### [WHAT IS REQUIRED]
In your copy, drop the images and return each record exactly as it stands.

───── DATA FOR THIS EXERCISE

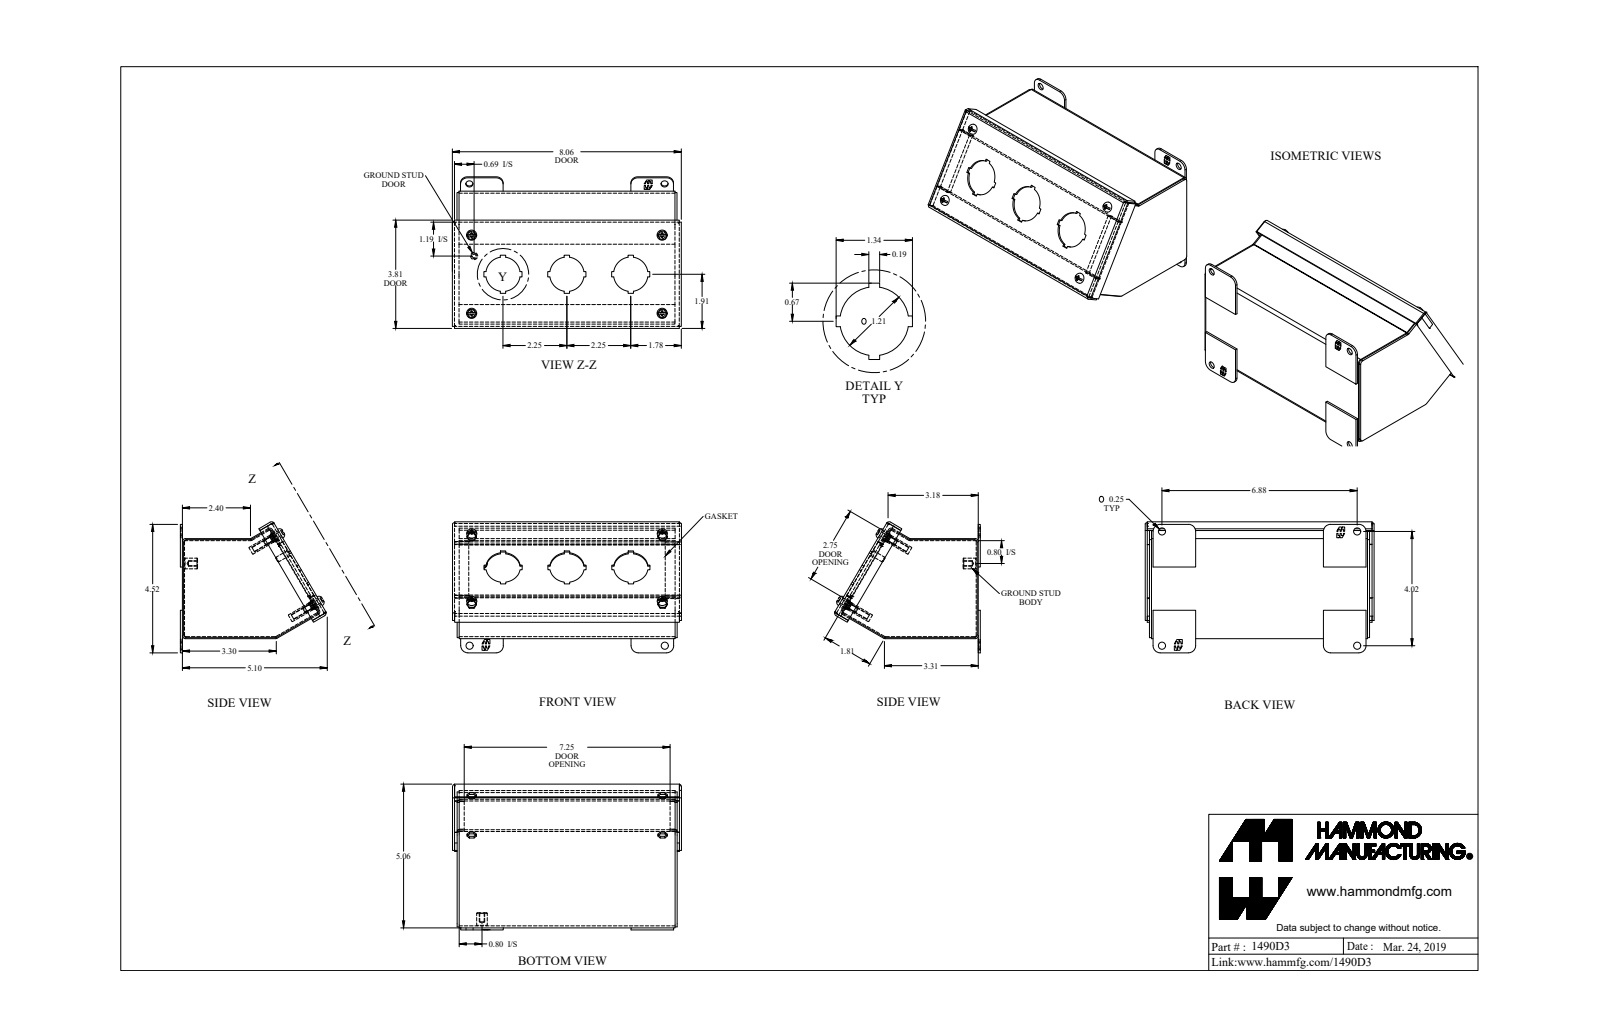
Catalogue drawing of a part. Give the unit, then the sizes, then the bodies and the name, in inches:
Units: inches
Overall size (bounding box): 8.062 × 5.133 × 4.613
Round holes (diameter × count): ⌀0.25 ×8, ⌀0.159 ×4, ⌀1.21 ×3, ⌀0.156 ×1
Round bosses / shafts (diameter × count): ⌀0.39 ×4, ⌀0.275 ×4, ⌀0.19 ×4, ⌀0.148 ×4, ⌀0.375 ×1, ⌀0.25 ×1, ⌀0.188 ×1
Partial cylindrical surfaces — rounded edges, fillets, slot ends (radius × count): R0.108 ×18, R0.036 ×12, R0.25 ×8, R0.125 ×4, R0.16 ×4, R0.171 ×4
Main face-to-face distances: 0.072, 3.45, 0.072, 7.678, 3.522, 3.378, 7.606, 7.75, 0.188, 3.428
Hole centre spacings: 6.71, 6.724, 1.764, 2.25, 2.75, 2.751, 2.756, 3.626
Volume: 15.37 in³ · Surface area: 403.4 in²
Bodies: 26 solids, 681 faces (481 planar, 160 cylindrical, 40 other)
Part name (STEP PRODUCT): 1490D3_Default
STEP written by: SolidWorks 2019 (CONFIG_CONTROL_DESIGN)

──────────

### [WRITTEN SOLUTION]
Catalogue drawing of a part. Give the unit, then the sizes, then the bodies and the name, in inches:
Units: inches
Overall size (bounding box): 8.062 × 5.133 × 4.613
Round holes (diameter × count): ⌀0.25 ×8, ⌀0.159 ×4, ⌀1.21 ×3, ⌀0.156 ×1
Round bosses / shafts (diameter × count): ⌀0.39 ×4, ⌀0.275 ×4, ⌀0.19 ×4, ⌀0.148 ×4, ⌀0.375 ×1, ⌀0.25 ×1, ⌀0.188 ×1
Partial cylindrical surfaces — rounded edges, fillets, slot ends (radius × count): R0.108 ×18, R0.036 ×12, R0.25 ×8, R0.125 ×4, R0.16 ×4, R0.171 ×4
Main face-to-face distances: 0.072, 3.45, 0.072, 7.678, 3.522, 3.378, 7.606, 7.75, 0.188, 3.428
Hole centre spacings: 6.71, 6.724, 1.764, 2.25, 2.75, 2.751, 2.756, 3.626
Volume: 15.37 in³ · Surface area: 403.4 in²
Bodies: 26 solids, 681 faces (481 planar, 160 cylindrical, 40 other)
Part name (STEP PRODUCT): 1490D3_Default
STEP written by: SolidWorks 2019 (CONFIG_CONTROL_DESIGN)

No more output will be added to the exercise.